The pair will sit in on the meetings with the Russian leader, during which Netanyahu is expected to raise concerns over a ceasefire in Syria brokered by Washington and Moscow. Israel has opposed the deal, saying it does not properly address Israel’s concerns about Iranian ambitions in the region.

Iran is said to be trying to forge a land corridor from Iran, through Iraq and Syria, to Lebanon, where its ally Hezbollah operates.

Netanyahu last met with Putin in Moscow in March, but the two have spoken by phone frequently since then.

“The two set the meeting to discuss the latest developments in the region,” a Saturday statement from the PMO said, adding that “it must be noted that in the last two years Prime Minister Netanyahu has met with President Putin every few months to discuss bilateral and regional issues with the intention of preventing any clashes between Israeli and Russian air forces in Syria, with success until now.”

Syrians walking past a giant poster of Syrian President Bashar Assad (L) and his Russian counterpart Vladimir Putin (R) in the northern Syrian city of Aleppo, March 9, 2017. (AFP Photo/Joseph Eid/ File)
Syrians walking past a giant poster of Syrian President Bashar Assad (L) and his Russian counterpart Vladimir Putin (R) in the northern Syrian city of Aleppo, March 9, 2017. (AFP Photo/Joseph Eid/ File)

Russia entered the Syrian civil war in 2015 in support of the regime of Syria’s President Bashar Assad, carrying out bombing runs against rebel groups fighting against Damascus.

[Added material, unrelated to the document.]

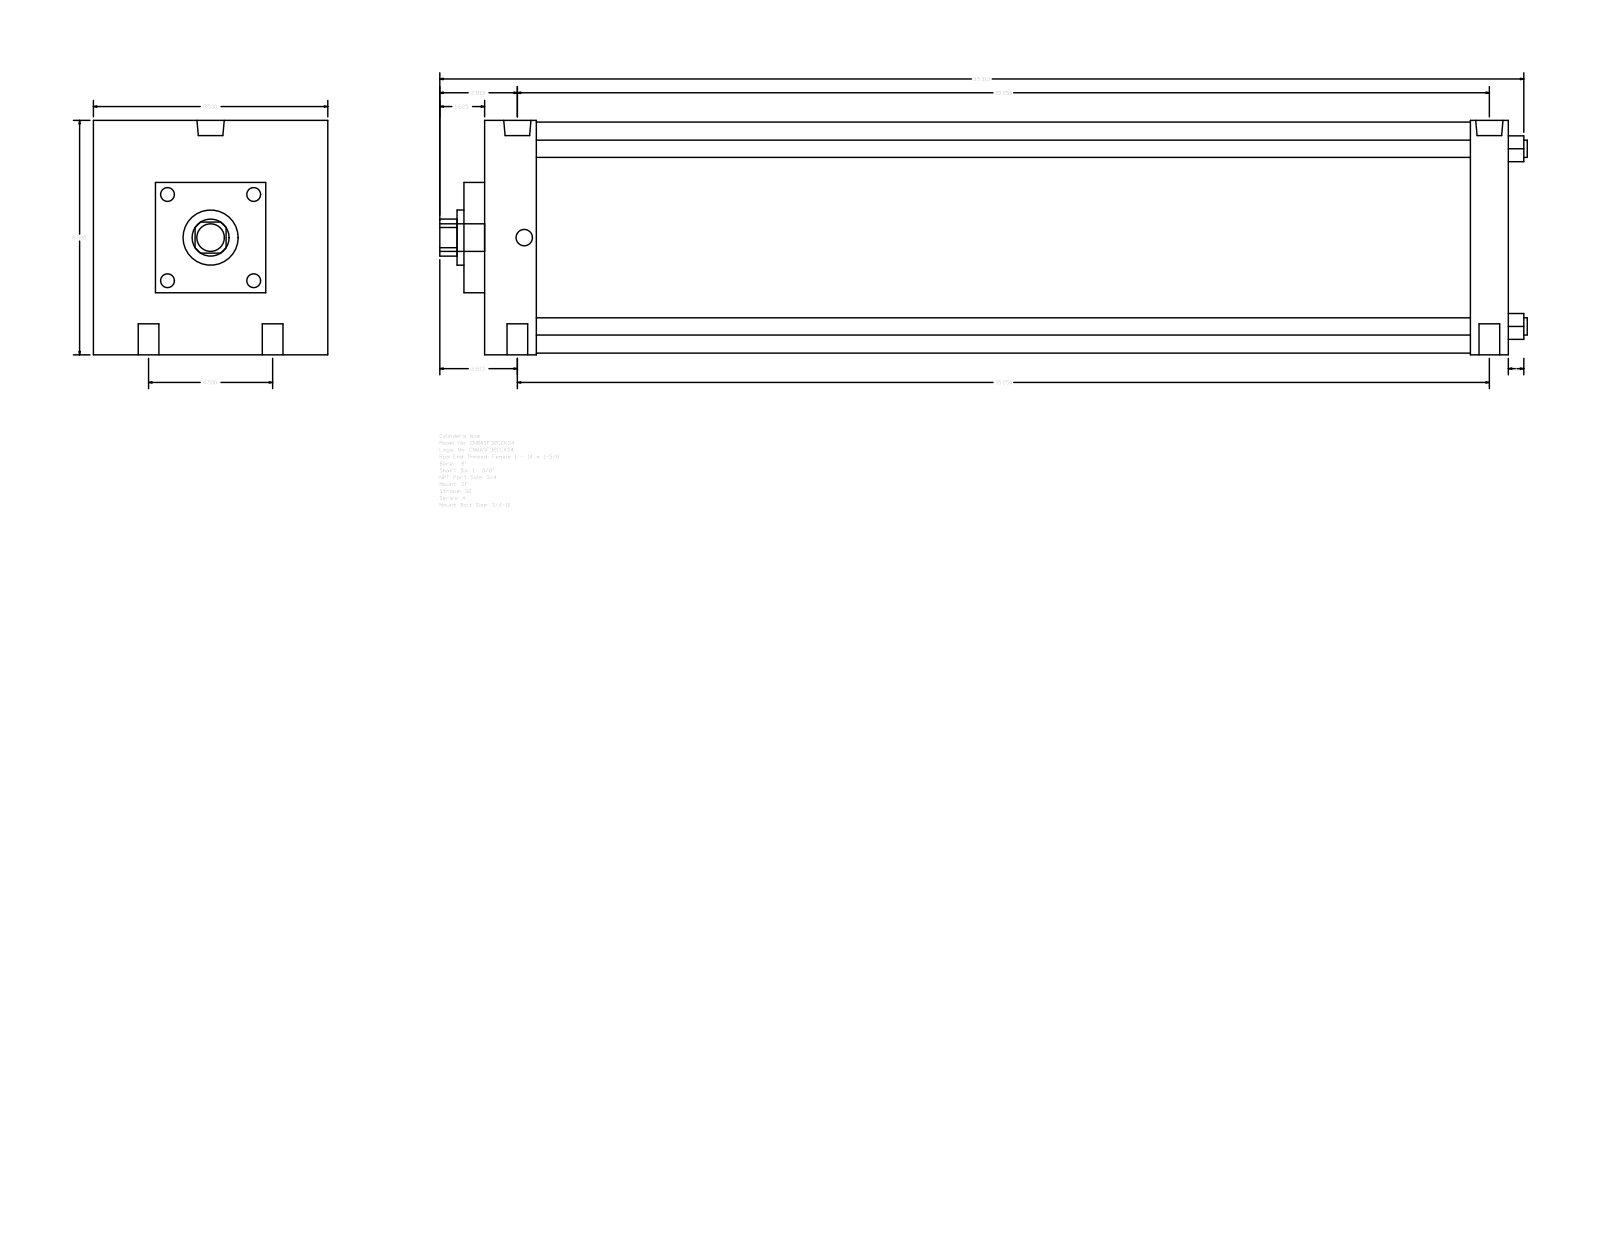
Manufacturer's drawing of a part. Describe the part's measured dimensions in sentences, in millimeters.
The part is named "A_SF__0800_1.375". Its 3-D file was written by "GSSL Pune (CONFIG_CONTROL_DESIGN)". It is 0 solids with 93 faces: 67 planar, 26 cylindrical and 0 other. Overall it measures 1001.71 by 215.9 by 215.9 millimeters. Round holes: 4 of diameter 19.05, 2 of diameter 15.08, 2 of diameter 25.12, 1 of diameter 34.92, 1 of diameter 50.8. Round bosses or shafts: 4 of diameter 15.88, 1 of diameter 212.72, 1 of diameter 25.4. Partial cylindrical surfaces (rounded edges, fillets, slot ends): 1 of radius 17.06. The main face-to-face distances are 942.98, 215.9, 47.63, 908.06, 860.43, 895.35, 34.92, 19.04, 66.67, 927.1. The hole center spacings are 57.15, 897.17, 895.35, 114.3, 902.62, 882.65.

Assad is also backed by Iran, which has provided the embattled Syrian leader with money, men and materiel.

While Israel has rarely acknowledged carrying out its own airstrikes in Syria, numerous raids on weapons transfers have been attributed to Jerusalem.

Despite the coordination between the two countries, some of the reported Israeli airstrikes in Syria on weapons convoys have led to tensions between Jerusalem and Moscow.

In April, Moscow summoned Israel’s ambassador to Russia, Gary Koren, to protest a reported Israeli strike that nearly hit Russian troops stationed in the area. Syria’s ambassador to the UN later said that Russia had changed its policy and no longer grants Israel freedom of action over Syrian skies.

Netanyahu subsequently denied reports Moscow had told Israel to end airstrikes in Syria, vowing that the IDF would continue attacking weapons convoys.

Times of Israel staff contributed to this report.